_What is being asked_
Repeat precisely the span of lines below that opens with the line containing "doc.styles.add('Text Style95', font='arialbd.ttf')" and closes with the line containing "for points in", both included.

_Data records_
++++
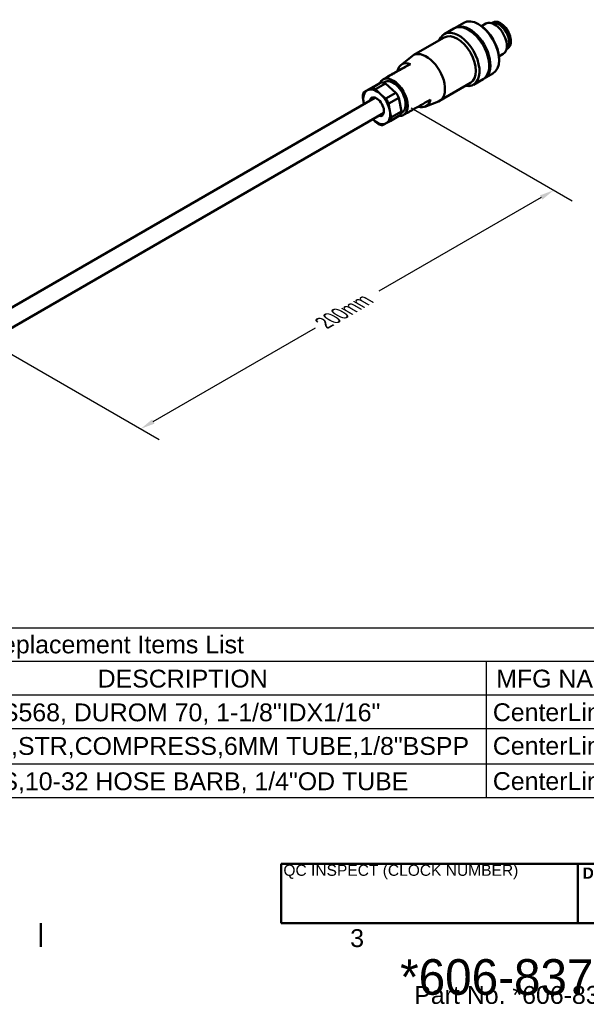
# Model space of a CAD drawing. Header units: millimetres. Extents: x 7 to 857, y -1 to 540.
# Tile 4 of 8: x 209 to 403, y 4 to 341. Entities that reach past the tile are written whole.
import ezdxf
from ezdxf.enums import TextEntityAlignment as Align

# ---------------------------------------------------------------- set-up
doc = ezdxf.new("R2010")
doc.units = ezdxf.units.MM
doc.header["$LTSCALE"] = 2
doc.layers.get('0').update_dxf_attribs({"lineweight": 25})
for name, color, linetype, lineweight in [('Border_0', 7, 'Continuous', 50), ('Border_2', 7, 'Continuous', 50), ('Dimensions(CL)', 7, 'Continuous', 25), ('Sketch Geometry(CL)', 7, 'Continuous', 50), ('Symbols(CL)', 7, 'Continuous', 25), ('Visible Edges(CL)', 7, 'Continuous', 50)]:
    doc.layers.add(name, color=color, linetype=linetype, lineweight=lineweight)
doc.styles.add('ALIGNED-CL', font='arial.ttf')
doc.styles.add('Copy of DEFAULT-CL', font='arial.ttf')
doc.styles.add('DEFAULT-ANSI', font='arial.ttf')
doc.styles.add('Text Style30', font='arialbd.ttf')
doc.styles.add('Text Style31', font='arialbd.ttf')
doc.styles.add('Text Style32', font='arialbd.ttf')
doc.styles.add('Text Style50', font='arialbd.ttf')
doc.styles.add('Text Style56', font='arialbd.ttf')
doc.styles.add('Text Style93', font='arialbd.ttf')
doc.styles.add('Text Style95', font='arialbd.ttf')
doc.dimstyles.new('MM-2PLC-CL', dxfattribs={"dimscale": 2, "dimtxt": 3.048, "dimasz": 2.5, "dimexe": 3.175, "dimexo": 1.5875, "dimgap": 1.6002, "dimtad": 0, "dimtoh": 1, "dimrnd": 1e-08, "dimzin": 0, "dimdsep": 46, "dimtxsty": 'ALIGNED-CL', "dimcen": 0.09, "dimdle": 10, "dimclrd": 7, "dimclre": 7, "dimclrt": 250, "dimadec": 1, "dimazin": 0, "dimtfac": 1, "dimtofl": 0, "dimtmove": 0, "dimatfit": 3, "dimfxl": 0, "dimtolj": 1, "dimtzin": 0, "dimlwd": 25, "dimlwe": 25, "dimarcsym": 0})

# ---------------------------------------------------------------- blocks, each defined once
blk = doc.blocks.new('Borders Default Border')
at = {"layer": 'Border_0'}
blk.add_line((107.95, 15.75), (107.95, 11.68), dxfattribs=at)
at = {"layer": 'Border_2', "insert": (160.93, 11.63), "char_height": 3.05, "attachment_point": 7, "style": 'ALIGNED-CL'}
blk.add_mtext('3', dxfattribs=at)
blk = doc.blocks.new('*D22')
at = {"layer": 'Defpoints', "color": 0, "linetype": 'Continuous'}
for p in [(339.52, 312.35), (391.54, 282.31), (198.1, 230.7)]:
    blk.add_point(p, dxfattribs=at)
at = {"layer": 'Dimensions(CL)', "color": 7, "linetype": 'Continuous', "lineweight": 25}
for p, q in [((342.7, 310.51), (397.89, 278.65)), ((387.21, 279.81), (331.65, 247.74)), ((254.45, 203.16), (310.01, 235.24)), ((201.27, 228.86), (256.47, 197))]:
    blk.add_line(p, q, dxfattribs=at)
at = {"layer": 'Dimensions(CL)', "color": 7, "linetype": 'Continuous'}
for points in [[(386.79, 280.53), (387.63, 279.09), (391.54, 282.31)], [(254.03, 203.88), (254.87, 202.44), (250.12, 200.66)]]:
    blk.add_solid(points, dxfattribs=at)
at = {"layer": 'Dimensions(CL)', "color": 250, "linetype": 'Continuous', "lineweight": 25, "insert": (312.78, 236.84), "char_height": 6.096, "attachment_point": 4, "rotation": 30, "style": 'ALIGNED-CL'}
blk.add_mtext('\\A1;{\\Q-30.000;\\W0.816;\\H0.816x;200mm}', dxfattribs=at)
blk = doc.blocks.new('Replacement Items List')
at = {"layer": 'Symbols(CL)'}
for p, q in [((209.93, 66.23), (30.38, 66.23)), ((30.38, 66.23), (30.38, 60.51)), ((209.93, 66.23), (209.93, 60.51)), ((209.93, 60.51), (30.38, 60.51)), ((30.38, 60.51), (30.38, 54.76)), ((42.69, 60.51), (42.69, 54.76)), ((79.61, 60.51), (79.61, 54.76)), ((184.23, 60.51), (184.23, 54.76)), ((209.93, 60.51), (209.93, 54.76)), ((209.93, 54.76), (30.38, 54.76)), ((30.38, 54.76), (30.38, 37.22)), ((42.69, 54.76), (42.69, 37.22)), ((79.61, 54.76), (79.61, 37.22)), ((184.23, 54.76), (184.23, 37.22)), ((209.93, 54.76), (209.93, 37.22)), ((209.93, 49.01), (30.38, 49.01)), ((209.93, 42.97), (30.38, 42.97)), ((209.93, 37.22), (30.38, 37.22))]:
    blk.add_line(p, q, dxfattribs=at)
at = {"layer": 'Symbols(CL)', "color": 250, "char_height": 3.048, "attachment_point": 7, "style": 'ALIGNED-CL'}
for s, insert in [('Replacement Items List', (98.25, 61)), ('QTY', (32.35, 55.84)), ('PART NUMBER', (45.99, 56.06)), ('DESCRIPTION', (117.7, 56.03)), ('MFG NAME', (185.93, 56.03))]:
    blk.add_mtext(s, dxfattribs=dict(at, insert=insert))
at = {"layer": 'Symbols(CL)', "color": 7, "attachment_point": 7, "style": 'ALIGNED-CL'}
for s, insert, char_height in [('2', (35.48, 50.35), 3.05), ('100-03383', (44.08, 50.3), 3.048), ('O-RING, AS568, DUROM 70, 1-1/8"IDX1/16"', (80.73, 49.73), 3.048), ('CenterLine', (185.35, 50.28), 3.048), ('1', (35.84, 44.61), 3.05), ('100-60085', (44.08, 44.56), 3.048), ('FIT,BRASS,STR,COMPRESS,6MM TUBE,1/8"BSPP', (80.88, 43.98), 3.048), ('CenterLine', (185.35, 44.54), 3.048), ('2', (35.48, 38.57), 3.05), ('100-06418', (44.08, 38.52), 3.048), ('FIT, BRASS,10-32 HOSE BARB, 1/4"OD TUBE ', (80.88, 37.94), 3.048), ('CenterLine', (185.35, 38.5), 3.048)]:
    blk.add_mtext(s, dxfattribs=dict(at, insert=insert, char_height=char_height))
blk = doc.blocks.new('Title Blocks CLTB5')
at = {"layer": 'Sketch Geometry(CL)'}
for p, q in [((657.2, 12.75), (606.4, 12.75)), ((606.4, 12.75), (606.4, 2.59)), ((688.95, 12.75), (657.2, 12.75)), ((657.2, 12.75), (657.2, 2.59)), ((657.2, 2.59), (657.2, 12.75)), ((606.4, 2.59), (657.2, 2.59)), ((657.2, 2.59), (879.45, 2.59))]:
    blk.add_line(p, q, dxfattribs=at)
at = {"layer": 'Symbols(CL)', "color": 179, "char_height": 1.905}
for s, insert, width, attachment_point, style in [('\\fArial|b0|i0;\\H1.9050;QC INSPECT (CLOCK NUMBER)', (606.8, 11.36), 42.5785, 4, 'Copy of DEFAULT-CL'), ('\\fArial|b1|i0;\\H1.9050;DWG ID', (658.02, 12.11), 12.1955, 1, 'DEFAULT-ANSI')]:
    blk.add_mtext(s, dxfattribs=dict(at, insert=insert, width=width, attachment_point=attachment_point, style=style))
at = {"layer": 'Symbols(CL)', "color": 179, "insert": (649.45, -7.41), "char_height": 3.05, "width": 60, "attachment_point": 5, "line_spacing_factor": 0.452074, "style": 'Copy of DEFAULT-CL'}
blk.add_mtext('{\\f3 of 9 Barcode|b0|i0|c0|p82;\\H1.9987x;*606-83746*\\P\\fArial|b0|i0|c0|p34;\\H0.50033x;Part No. *606-83746*\\H2.7799x; }', dxfattribs=at)
at = {"layer": 'Symbols(CL)', "color": 179}
for tag, p, height, style in [('CATEGORY_001', (873.41, 67.69), 6.1, 'Text Style56'), ('MANAGER_001', (783.92, 43.99), 6.1, 'Text Style56'), ('DESCRIPTION_001', (784.85, 36.82), 3.05, 'DEFAULT-ANSI'), ('STATUS_001', (701.9, 24.64), 3.96, 'Text Style50'), ('SheetSize_001', (745.43, 24.27), 3.96, 'Text Style50'), ('REVISION_NUMBER_001', (775.3, 23.91), 2.54, 'Text Style31'), ('MFG_APPROVED_BY_001', (705.36, 19.28), 1.91, 'Text Style93'), ('Drawing_Scale_001', (772.55, 19.43), 1.91, 'Text Style93'), ('ENG_APPROVED_BY_001', (743.25, 14.21), 3.96, 'Text Style50'), ('AUTHOR_001', (705.36, 14.38), 1.91, 'Text Style93'), ('CREATION_DATE_001', (764.4, 14.24), 1.9, 'Text Style30'), ('CHECKED_BY_001', (660.93, 5.3), 3.2, 'Text Style95'), ('FILENAME_001', (791.65, 4.36), 1.9, 'Text Style30'), ('PTC_WM_ITERATION_001', (875.91, 3.6), 3.05, 'Text Style32')]:
    blk.add_attdef(tag, p, '', height=height, dxfattribs=dict(at, style=style))
at = {"layer": 'Symbols(CL)', "color": 179, "style": 'Text Style32'}
for tag, p in [('MATERIAL', (784.84, 30.45)), ('MaterialSize', (784.84, 22.91))]:
    blk.add_attdef(tag, text='', height=3.05, dxfattribs=at).set_placement(p, align=Align.MIDDLE_LEFT)

msp = doc.modelspace()

# ---------------------------------------------------------------- linework, layer by layer
at = {"layer": 'Visible Edges(CL)'}
for p, q in [((357.38, 337.669), (354.057, 335.75)), ((360.726, 339.63), (357.757, 337.915)), ((362.566, 337.067), (362.38, 337.174)), ((368.254, 339.328), (366.775, 338.474)), ((370.755, 339.733), (370.671, 339.684)), ((354.062, 334.598), (343.455, 328.475)), ((375.855, 330.899), (375.771, 330.851)), ((339.207, 325.114), (343.076, 328.215)), ((374.254, 328.936), (372.775, 328.082)), ((338.021, 323.113), (342.454, 325.5)), ((369.451, 325.141), (369.451, 324.926)), ((332.811, 319.989), (333.012, 320.149)), ((367.38, 320.348), (364.057, 318.43)), ((370.751, 322.266), (367.782, 320.551)), ((326.529, 315.866), (329.97, 317.853)), ((332.612, 319.275), (329.171, 317.289)), ((329.97, 317.853), (332.612, 319.275)), ((330.544, 316.892), (333.984, 318.878)), ((333.606, 319.324), (333.288, 319.14)), ((333.984, 318.878), (337.517, 315.671)), ((363.062, 319.01), (352.455, 312.886)), ((201.553, 239.619), (330.351, 313.981)), ((337.517, 315.671), (334.076, 313.684)), ((335.058, 311.943), (338.499, 313.929)), ((338.499, 313.929), (339.389, 309.299)), ((347.421, 310.887), (352.041, 312.688)), ((204.606, 234.454), (333.351, 308.784)), ((335.559, 305.967), (339, 307.954)), ((339.389, 309.299), (335.948, 307.312)), ((339.606, 308.932), (339.288, 308.748)), ((339.784, 307.911), (339.893, 307.954))]:
    msp.add_line(p, q, dxfattribs=at)
for centre, major_axis, start_param, end_param in [((365.739, 330.948), (-5.013, 8.682), 3.1415927, 6.2831853), ((373.305, 335.316), (2.55, -4.417), 0, 3.1415927), ((359.057, 327.09), (5, -8.66), 5.8321585, 9.8758048), ((362.38, 329.009), (5, -8.66), 0, 3.1415927), ((362.769, 329.233), (-5.013, 8.682), 3.0706381, 6.3541399), ((362.566, 329.116), (4.869, -8.433), 0.7853982, 2.3561945), ((366.092, 331.152), (4.75, -8.227), 0.8121405, 2.3294522), ((371.254, 334.132), (3, -5.196), 0, 3.1415927), ((372.598, 334.908), (2.625, -4.547), 0.0431664, 3.0984262), ((358.562, 326.804), (4.5, -7.794), 0, 3.1415926), ((347.955, 320.68), (4.5, -7.794), 6.1949579, 9.5130054), ((343.677, 318.211), (-4.123, 7.141), 5.7090821, 6.8229282), ((336.606, 314.128), (-3.5, 6.062), 6.2660052, 6.6733923), ((336.606, 314.128), (3.5, -6.062), 6.2660052, 9.4075978), ((336.606, 314.128), (3, -5.196), 0, 3.1415927), ((330.949, 310.862), (-3.25, 5.629), 5.2188076, 6.2660052), ((331.044, 310.917), (-3.5, 6.062), 5.5990588, 5.8857539), ((334.485, 312.903), (-3.5, 6.062), 5.5990588, 5.8857539), ((330.949, 310.862), (-3.25, 5.629), 6.2660052, 7.3132027), ((331.044, 310.917), (-3.5, 6.062), 0.3630711, 0.6497662), ((330.949, 310.862), (1.75, -3.031), 5.7420858, 9.9658775), ((330.949, 310.862), (-3.25, 5.629), 4.1716101, 5.2188076), ((331.044, 310.917), (-3.5, 6.062), 4.5518613, 4.8385564), ((334.485, 312.903), (-3.5, 6.062), 4.5518613, 4.8385564), ((330.949, 310.862), (3.25, -5.629), 4.1716101, 4.2326603), ((343.677, 318.211), (4.123, -7.141), 5.737958, 6.8229282), ((330.949, 310.862), (3.25, -5.629), 5.1921176, 5.2188076), ((330.949, 310.862), (3.25, -5.629), 6.2660052, 7.3132027), ((331.044, 310.917), (3.5, -6.062), 0.3630711, 0.6497662), ((336.606, 314.128), (3.5, -6.062), 5.9201143, 6.2660052), ((334.485, 312.903), (3.5, -6.062), 0.3630711, 0.6497662), ((330.949, 310.862), (3.25, -5.629), 5.2188076, 6.2660052), ((331.044, 310.917), (3.5, -6.062), 5.5990588, 5.8857539)]:
    msp.add_ellipse(centre, major_axis=major_axis, ratio=0.5773503, start_param=start_param, end_param=end_param, dxfattribs=at)
for points, weights in [([(342.454, 325.5), (334.184, 320.772), (333.167, 320.224)], [1, 1.0435552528, 1]), ([(333.167, 320.224), (332.149, 319.676), (338.021, 323.113)], [1, 1.0435552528, 1]), ([(329.171, 317.289), (328.392, 316.865), (327.756, 316.523)], [1, 1.01904933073, 1]), ([(332.215, 315.233), (331.365, 316.006), (330.544, 316.892)], [1, 1.01904933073, 1]), ([(326.14, 314.521), (326.276, 313.266), (326.49, 312.151)], [1, 1.01904933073, 1]), ([(327.756, 316.523), (327.119, 316.18), (326.529, 315.866)], [1, 1.01904933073, 1]), ([(334.076, 313.684), (333.065, 314.461), (332.215, 315.233)], [1, 1.01904933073, 1]), ([(326.49, 312.151), (326.524, 311.972), (326.561, 311.793)], [1, 1.00302369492, 1.00508748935]), ([(335.409, 309.573), (335.194, 310.687), (335.058, 311.943)], [1, 1.01904933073, 1]), ([(340.045, 308.032), (341.063, 308.58), (349.333, 313.308)], [1, 1.0435552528, 1]), ([(329.565, 306.599), (329.624, 306.545), (329.684, 306.491)], [1.00243490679, 1.00130714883, 1]), ([(335.948, 307.312), (335.623, 308.458), (335.409, 309.573)], [1, 1.01904933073, 1]), ([(339.893, 307.954), (339.919, 307.964), (340.045, 308.032)], [1.00918176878, 1.00521538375, 1]), ([(329.684, 306.491), (330.534, 305.719), (331.544, 304.942)], [1, 1.01904933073, 1]), ([(332.917, 304.545), (333.507, 304.859), (334.143, 305.201)], [1, 1.01904933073, 1]), ([(334.143, 305.201), (334.779, 305.544), (335.559, 305.967)], [1, 1.01904933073, 1])]:
    msp.add_rational_spline(points, weights, degree=2, dxfattribs=at)

# ---------------------------------------------------------------- block references
at = {"xscale": 2, "yscale": 2, "zscale": 2}
for name, p in [('Borders Default Border', (0, 0)), ('Title Blocks CLTB5', (-914.61, 26.322))]:
    msp.add_blockref(name, p, dxfattribs=at)
at = {"layer": 'Symbols(CL)', "xscale": 2, "yscale": 2, "zscale": 2}
msp.add_blockref('Replacement Items List', (0, 0), dxfattribs=at)

# ---------------------------------------------------------------- dimensions: what is measured, and where the dimension line sits
at = {"layer": 'Dimensions(CL)', "color": 7, "linetype": 'Continuous', "lineweight": 25}
dim = msp.add_linear_dim(base=(391.542, 282.312), p1=(198.099, 230.697), p2=(339.52, 312.346), angle=210, text='{\\Q-30.000;\\W0.816;\\H0.816x;<>mm}', dimstyle='MM-2PLC-CL', override={"dimtoh": 0, "dimdec": 0, "dimlfac": 1.224745, "dimtp": 0, "dimtm": 0, "dimtdec": 2, "dimatfit": 1}, dxfattribs=at)
dim.commit()
dim.dimension.update_dxf_attribs({"geometry": '*D22', "text_midpoint": (320.831, 241.487), "dimtype": 160})

doc.saveas('drawing.dxf')
++++
_Expected answer_
doc.styles.add('Text Style95', font='arialbd.ttf')
doc.dimstyles.new('MM-2PLC-CL', dxfattribs={"dimscale": 2, "dimtxt": 3.048, "dimasz": 2.5, "dimexe": 3.175, "dimexo": 1.5875, "dimgap": 1.6002, "dimtad": 0, "dimtoh": 1, "dimrnd": 1e-08, "dimzin": 0, "dimdsep": 46, "dimtxsty": 'ALIGNED-CL', "dimcen": 0.09, "dimdle": 10, "dimclrd": 7, "dimclre": 7, "dimclrt": 250, "dimadec": 1, "dimazin": 0, "dimtfac": 1, "dimtofl": 0, "dimtmove": 0, "dimatfit": 3, "dimfxl": 0, "dimtolj": 1, "dimtzin": 0, "dimlwd": 25, "dimlwe": 25, "dimarcsym": 0})

# ---------------------------------------------------------------- blocks, each defined once
blk = doc.blocks.new('Borders Default Border')
at = {"layer": 'Border_0'}
blk.add_line((107.95, 15.75), (107.95, 11.68), dxfattribs=at)
at = {"layer": 'Border_2', "insert": (160.93, 11.63), "char_height": 3.05, "attachment_point": 7, "style": 'ALIGNED-CL'}
blk.add_mtext('3', dxfattribs=at)
blk = doc.blocks.new('*D22')
at = {"layer": 'Defpoints', "color": 0, "linetype": 'Continuous'}
for p in [(339.52, 312.35), (391.54, 282.31), (198.1, 230.7)]:
    blk.add_point(p, dxfattribs=at)
at = {"layer": 'Dimensions(CL)', "color": 7, "linetype": 'Continuous', "lineweight": 25}
for p, q in [((342.7, 310.51), (397.89, 278.65)), ((387.21, 279.81), (331.65, 247.74)), ((254.45, 203.16), (310.01, 235.24)), ((201.27, 228.86), (256.47, 197))]:
    blk.add_line(p, q, dxfattribs=at)
at = {"layer": 'Dimensions(CL)', "color": 7, "linetype": 'Continuous'}
for points in [[(386.79, 280.53), (387.63, 279.09), (391.54, 282.31)], [(254.03, 203.88), (254.87, 202.44), (250.12, 200.66)]]:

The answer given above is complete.